With the typical organisation experiencing substantial year
on year growth in storage requirements ( IDC Research in 2009 suggests large
enterprises storage requirements are increasing by 60% per year) and server
virtualisation pushing storage demands to new highs it is little wonder
than technologies like deduplication and compression focused on reducing
storage requirements have been in the spotlight in recent years. As many of
these technologies come with a performance trade off, they have yet to have a
huge impact on primary storage, but have gained considerable traction in less IO
intensive storage including backup data storage. As such, most major players in
the backup software space have been quick to adopt these technologies, and
Veeam and vRanger are no exception. In this post, I will compare the two
products differing approaches to reducing the amount of storage required to
hold backup data.
Veeam Backup & Recovery comes as standard with
integrated in-line block level deduplication and compression, by comparison,
vRanger uses a combination of compression and Active Block Mapping (ABM)
to ensure they only backup blocks being actively used by the disk, but do not
have dedupe integrated into the product. Quest / vRanger’s answer to Veeams
dedupe has come in their latest release, vRanger® 5.3, which enables full
integration with NetVault® SmartDisk, a software based
deduplication engine originally developed to work with NetVault Backup, Quest’s
enterprise level backup application. In addition to this, both products can
also integrate with 3rd party dedupe appliances like the HP
StoreOnce, and
Fujitsu’s ETERNUS
CS800. So which approach is better?
Veeam…
Veeam’s main differentiator in the data reduction stakes is
their integrated deduplication, it is certainly a big selling point, and
enables them to market their product as a cost effective all in one solution. It
does however come under fire from the competition who have indirectly referred
to it as primitive – so what are its limitations?
Veeam’s
dedupe is in-line, fixed length block level deduplication, block sizes are configurable
and which is appropriate depends on the target storage,
Local - 1MB; LAN – 512k; WAN - 256k. Veeam claim dedupe ratios in excess
of 10x, and a whitepaper
on their website contains some decent dedupe / compression ratios from internal
testing by Veeam. On a 60GB backup job with 6 VMs their compression / dedupe
combined produced a ‘combined technology saving’ of just over 80%. Interestingly,
compression alone on the same job saved around 62% (which is very similar to
the compression
ratios in vRanger,) so in this example, dedupe is only reducing data by an
extra 20% or so beyond this. I’m not belittling this because it is still offers
a substantial reduction in terms of the amount of backup storage required
(about 50% over compression alone,) but it’s just not as dramatic as I had
expected before I started researching the numbers, and is certainly not as
substantial as the ratios that can be obtained using dedupe appliances.
The reason for this difference in performance is twofold. Firstly,
the block sizes used by Veeam’s dedupe are larger than those used in dedupe appliances.

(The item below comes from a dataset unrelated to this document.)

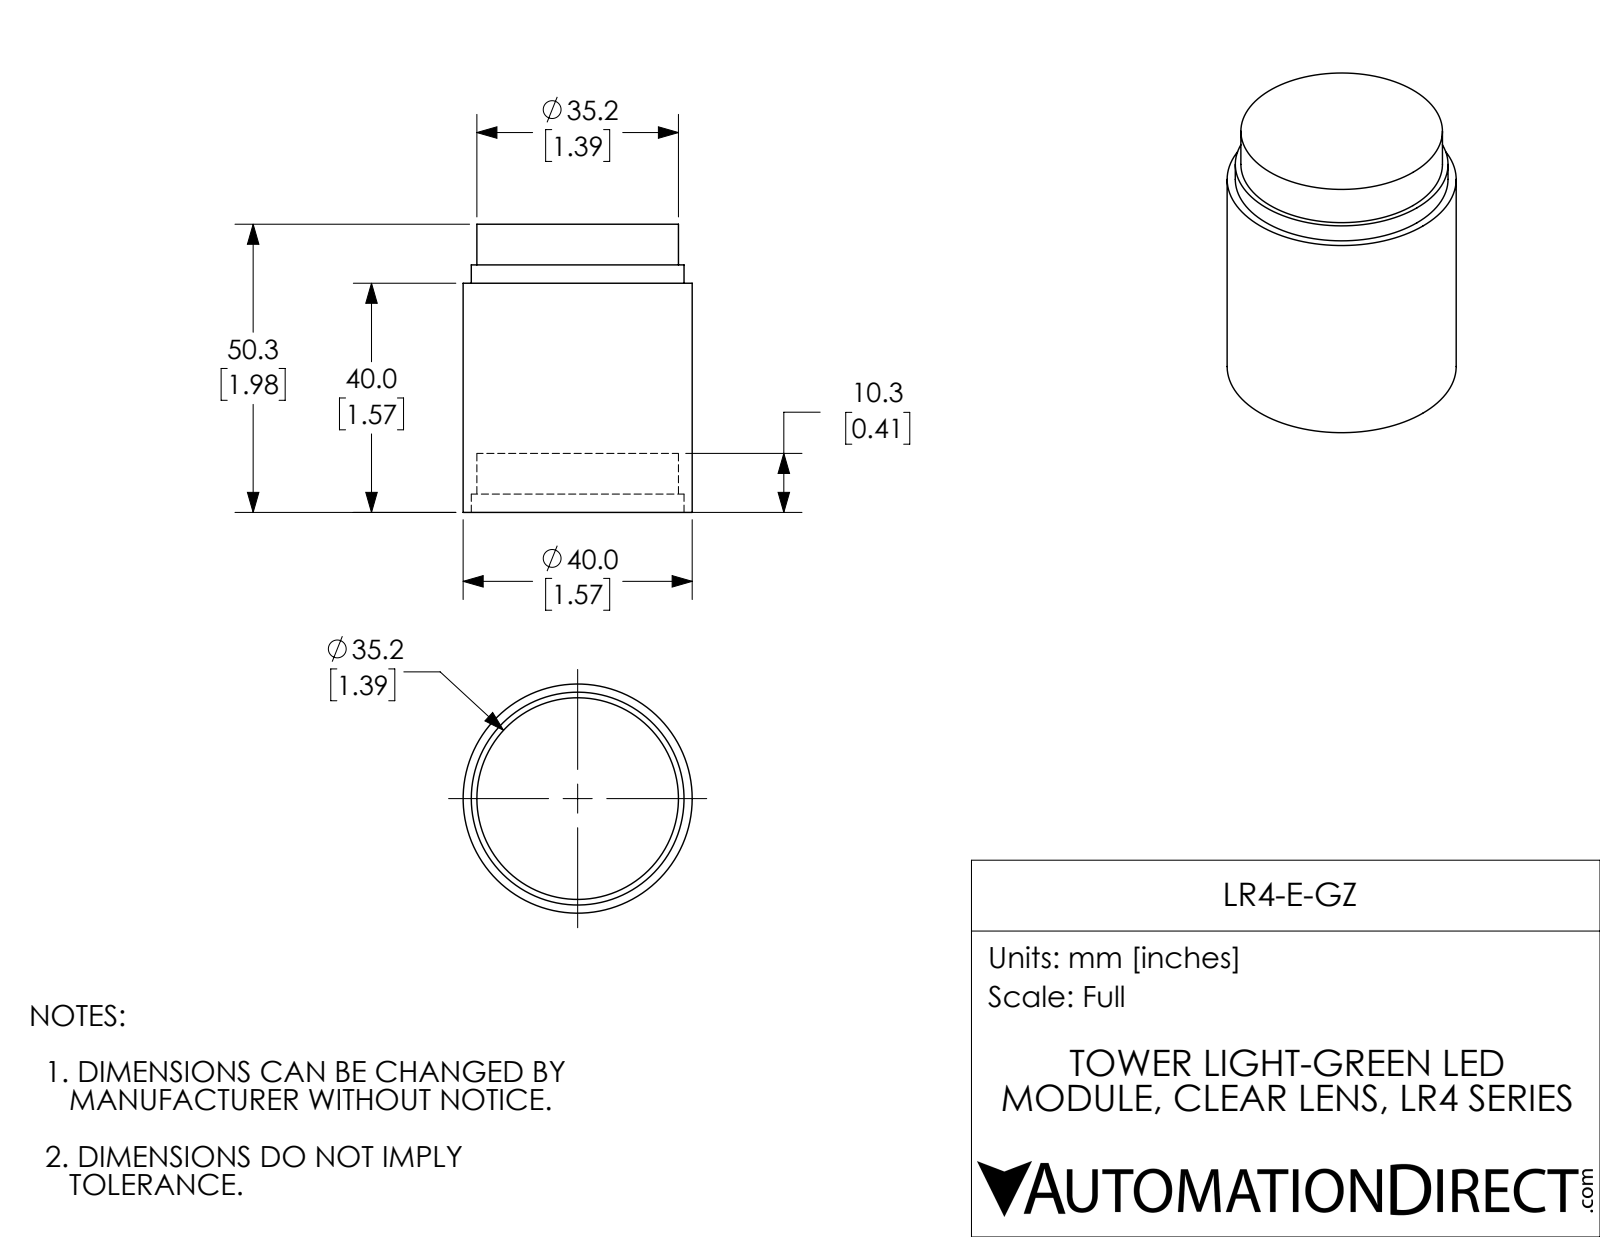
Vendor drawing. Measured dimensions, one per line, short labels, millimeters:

Veeam have done this deliberately as larger blocks mean less resources are
required to run the dedupe process and backup / restore jobs run quicker, but
it does reduce the effectiveness of dedupe. Secondly, because Veeam uses fixed
length blocks, when the data in a file is moved, for example when adding some
additional text into a Word document, all of the subsequent blocks in the file
will be rewritten, and are likely to be considered as different from those in
the original file.
Another potential limitation of Veeam’s deduplication is
that is can only dedupe against VM’s in the same backup job. This is done very
much by design as explained in these Veeam
dedupe FAQ’s, but the drawback is that to achieve Global
deduplication (dedupe across all of your VM’s,) you would need to backup all of
your VM’s in the same backup job. For smaller installations, this may not be
problematic, but for customers with 10’s or 100’s of VM’s to backup, it is not
practical as VM’s can only be backed up to the same job serially.

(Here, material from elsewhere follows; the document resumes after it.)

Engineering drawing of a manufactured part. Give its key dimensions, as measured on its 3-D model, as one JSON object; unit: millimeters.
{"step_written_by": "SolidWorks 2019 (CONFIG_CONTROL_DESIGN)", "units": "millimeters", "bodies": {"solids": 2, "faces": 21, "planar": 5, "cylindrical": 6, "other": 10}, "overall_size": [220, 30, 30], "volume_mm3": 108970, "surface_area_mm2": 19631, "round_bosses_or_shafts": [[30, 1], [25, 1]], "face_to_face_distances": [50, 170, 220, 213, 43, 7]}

Despite these limitations, I believe that for smaller
installations, and companies looking for an all in one cost effective VM backup
solution, it is a great feature to have included in the package. For larger
installations of 10’s or 100’s of VM’s, it can become more cost effective to
consider a 3rd party appliance. Veeam are certainly not blind to
this, and have partnered some of the major players in this space to test the
integration of their product with such appliances - they have produced a couple
of whitepapers on the subject; one with Exagrid,
and the other with HP
StoreOnce, and claim that they can achieve data reduction of up to 95% when
using the approach.
It’s worth noting that Veeam’s integrated dedupe doesn’t
become entirely redundant / still has some value when using 3rd party dedupe
appliances. While compression should be turned off as dedupe doesn’t work as
well with compressed data, Veeam recommend leaving dedupe on as both
deduplication techniques can provide complementary benefits. As Veeam’s inline
deduplication takes place during the backup job either on the client machine or
dedicated Veeam backup server, it can reduce the amount of data sent over the
network.
vRanger…
While vRanger does offer compression of backup data, which
can achieve data reduction in the range of 50-70%,
they do not have deduplication integrated into their product. Until the latest
release offering integration with NetVault’s SmartDisk, their only answer
for clients who wanted dedupe was integration with 3rd party
appliances (similarly to Veeam, Quest have tested the integration
of vRanger with the HP StoreOnce appliance.)
SmartDisk is a software based byte-level, variable-block,
post process deduplication product that was originally developed for use in
NetVault Backup, and now available for use with vRanger. Quest software claim
that SmartDisk can reduce backup data by up to 90%, which compares well with
dedupe appliances, and is potentially less expensive. Smaller and variable
block sizes should mean better dedupe ratios can be achieved with SmartDisk than
by using Veeams integrated dedupe. Post process dedupe means that processing
doesn’t need to be carried out on the host or dedicated backup server so doesn’t
have as much of an impact on backup windows, but may lead to more network
traffic. So arguably SmartDisk is a more advanced dedupe engine than Veeams integrated
dedupe, but it doesn’t come for free, and does still have some limitations.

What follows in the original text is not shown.